===== SOURCE DATA
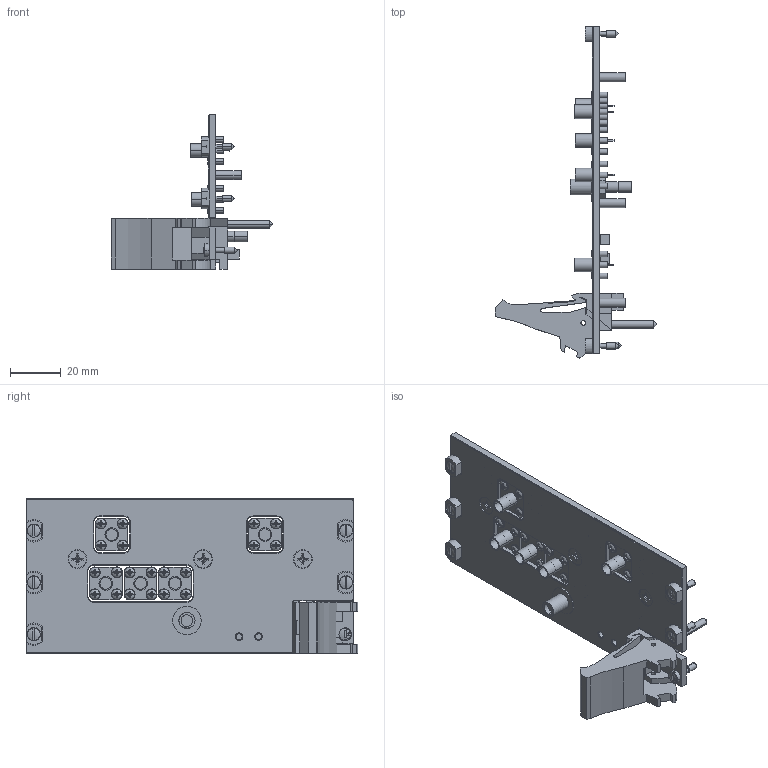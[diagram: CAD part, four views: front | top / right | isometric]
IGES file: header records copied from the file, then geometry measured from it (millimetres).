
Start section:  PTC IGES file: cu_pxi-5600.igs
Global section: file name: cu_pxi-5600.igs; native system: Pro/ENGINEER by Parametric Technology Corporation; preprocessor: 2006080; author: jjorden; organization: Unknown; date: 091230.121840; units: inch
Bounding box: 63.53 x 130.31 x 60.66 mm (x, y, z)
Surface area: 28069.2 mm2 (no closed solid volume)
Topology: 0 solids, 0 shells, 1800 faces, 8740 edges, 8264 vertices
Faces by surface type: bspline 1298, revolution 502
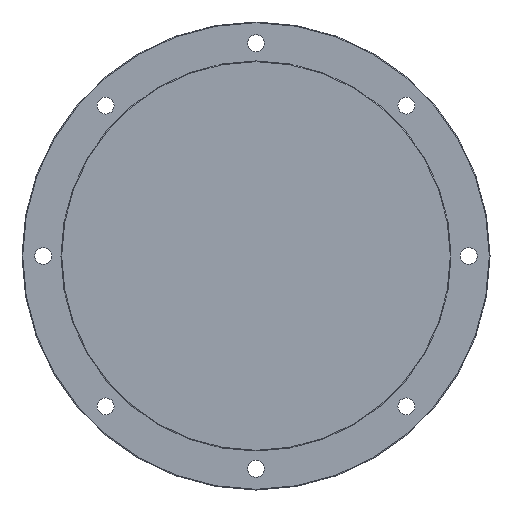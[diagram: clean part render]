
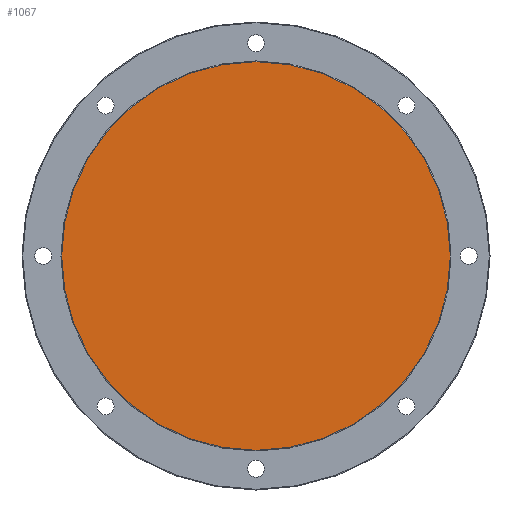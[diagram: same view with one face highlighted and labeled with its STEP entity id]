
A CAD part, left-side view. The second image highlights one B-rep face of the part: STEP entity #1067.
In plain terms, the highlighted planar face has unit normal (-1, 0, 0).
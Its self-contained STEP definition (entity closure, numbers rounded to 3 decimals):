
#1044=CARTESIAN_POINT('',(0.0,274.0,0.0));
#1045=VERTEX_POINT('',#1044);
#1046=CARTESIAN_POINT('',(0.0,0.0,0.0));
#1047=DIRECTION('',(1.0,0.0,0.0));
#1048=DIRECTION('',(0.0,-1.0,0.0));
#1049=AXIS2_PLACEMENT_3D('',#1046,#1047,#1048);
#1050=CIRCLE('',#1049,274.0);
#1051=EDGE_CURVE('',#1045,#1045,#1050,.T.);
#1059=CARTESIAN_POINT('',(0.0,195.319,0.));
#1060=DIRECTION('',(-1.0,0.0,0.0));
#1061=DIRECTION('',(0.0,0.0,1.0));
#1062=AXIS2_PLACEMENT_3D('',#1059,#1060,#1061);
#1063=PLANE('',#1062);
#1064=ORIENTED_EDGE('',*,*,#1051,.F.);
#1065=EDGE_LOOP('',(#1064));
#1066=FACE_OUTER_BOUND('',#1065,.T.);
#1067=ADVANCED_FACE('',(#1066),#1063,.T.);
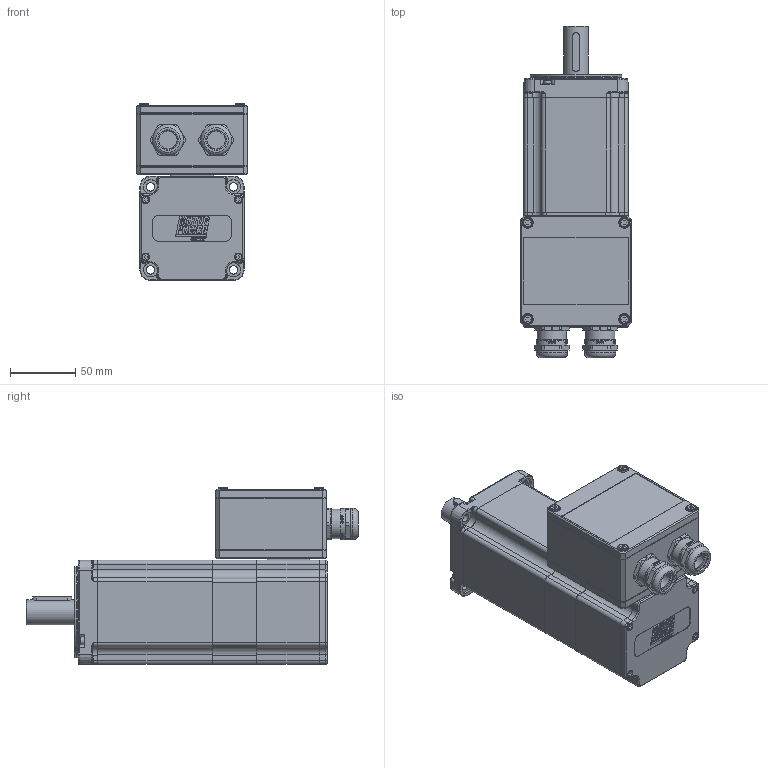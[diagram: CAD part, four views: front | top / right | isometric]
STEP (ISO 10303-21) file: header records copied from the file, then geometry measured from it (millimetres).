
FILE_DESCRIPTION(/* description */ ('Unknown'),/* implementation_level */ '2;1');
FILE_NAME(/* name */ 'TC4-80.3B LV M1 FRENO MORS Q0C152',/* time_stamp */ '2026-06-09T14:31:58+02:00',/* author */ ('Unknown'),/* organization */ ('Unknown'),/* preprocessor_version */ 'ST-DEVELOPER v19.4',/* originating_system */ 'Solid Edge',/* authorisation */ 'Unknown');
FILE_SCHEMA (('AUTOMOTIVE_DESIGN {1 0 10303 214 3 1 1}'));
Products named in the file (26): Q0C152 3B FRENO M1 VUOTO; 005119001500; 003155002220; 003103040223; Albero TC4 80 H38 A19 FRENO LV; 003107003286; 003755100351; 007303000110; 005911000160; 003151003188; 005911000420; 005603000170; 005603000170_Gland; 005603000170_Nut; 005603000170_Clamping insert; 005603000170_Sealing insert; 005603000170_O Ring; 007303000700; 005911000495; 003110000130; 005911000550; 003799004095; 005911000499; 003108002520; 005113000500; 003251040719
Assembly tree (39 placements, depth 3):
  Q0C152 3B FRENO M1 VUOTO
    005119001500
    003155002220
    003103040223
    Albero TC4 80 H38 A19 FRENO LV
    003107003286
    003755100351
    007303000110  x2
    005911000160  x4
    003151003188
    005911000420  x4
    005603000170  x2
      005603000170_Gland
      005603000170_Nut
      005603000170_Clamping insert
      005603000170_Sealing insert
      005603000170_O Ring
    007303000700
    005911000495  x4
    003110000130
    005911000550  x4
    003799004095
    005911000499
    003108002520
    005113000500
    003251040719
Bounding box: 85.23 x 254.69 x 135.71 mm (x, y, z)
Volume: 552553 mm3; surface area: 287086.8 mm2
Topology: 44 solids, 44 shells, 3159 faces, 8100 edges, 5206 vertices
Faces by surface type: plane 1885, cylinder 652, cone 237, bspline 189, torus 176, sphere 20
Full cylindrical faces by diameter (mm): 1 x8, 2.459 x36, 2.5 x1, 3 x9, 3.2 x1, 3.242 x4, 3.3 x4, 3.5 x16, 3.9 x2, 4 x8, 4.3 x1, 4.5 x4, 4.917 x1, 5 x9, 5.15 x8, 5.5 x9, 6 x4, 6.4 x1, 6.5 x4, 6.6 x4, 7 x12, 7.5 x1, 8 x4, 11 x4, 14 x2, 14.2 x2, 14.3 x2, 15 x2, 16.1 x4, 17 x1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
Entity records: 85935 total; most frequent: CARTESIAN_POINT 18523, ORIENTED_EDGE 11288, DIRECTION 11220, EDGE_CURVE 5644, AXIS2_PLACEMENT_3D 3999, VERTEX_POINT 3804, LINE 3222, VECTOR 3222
==========
• _TASK ITEM_: Only the lines above from the one containing "#1044=CARTESIAN_POINT('',(0.0,274.0,0.0));" through the one containing "FILE_NAME(/* name */" should be returned, verbatim and inclusive, with pictures excluded.

• _EXERCISE OUTPUT_:
#1044=CARTESIAN_POINT('',(0.0,274.0,0.0));
#1045=VERTEX_POINT('',#1044);
#1046=CARTESIAN_POINT('',(0.0,0.0,0.0));
#1047=DIRECTION('',(1.0,0.0,0.0));
#1048=DIRECTION('',(0.0,-1.0,0.0));
#1049=AXIS2_PLACEMENT_3D('',#1046,#1047,#1048);
#1050=CIRCLE('',#1049,274.0);
#1051=EDGE_CURVE('',#1045,#1045,#1050,.T.);
#1059=CARTESIAN_POINT('',(0.0,195.319,0.));
#1060=DIRECTION('',(-1.0,0.0,0.0));
#1061=DIRECTION('',(0.0,0.0,1.0));
#1062=AXIS2_PLACEMENT_3D('',#1059,#1060,#1061);
#1063=PLANE('',#1062);
#1064=ORIENTED_EDGE('',*,*,#1051,.F.);
#1065=EDGE_LOOP('',(#1064));
#1066=FACE_OUTER_BOUND('',#1065,.T.);
#1067=ADVANCED_FACE('',(#1066),#1063,.T.);
[diagram: CAD part, four views: front | top / right | isometric]
STEP (ISO 10303-21) file: header records copied from the file, then geometry measured from it (millimetres).
FILE_DESCRIPTION(/* description */ ('Unknown'),/* implementation_level */ '2;1');
FILE_NAME(/* name */ 'TC4-80.3B LV M1 FRENO MORS Q0C152',/* time_stamp */ '2026-06-09T14:31:58+02:00',/* author */ ('Unknown'),/* organization */ ('Unknown'),/* preprocessor_version */ 'ST-DEVELOPER v19.4',/* originating_system */ 'Solid Edge',/* authorisation */ 'Unknown');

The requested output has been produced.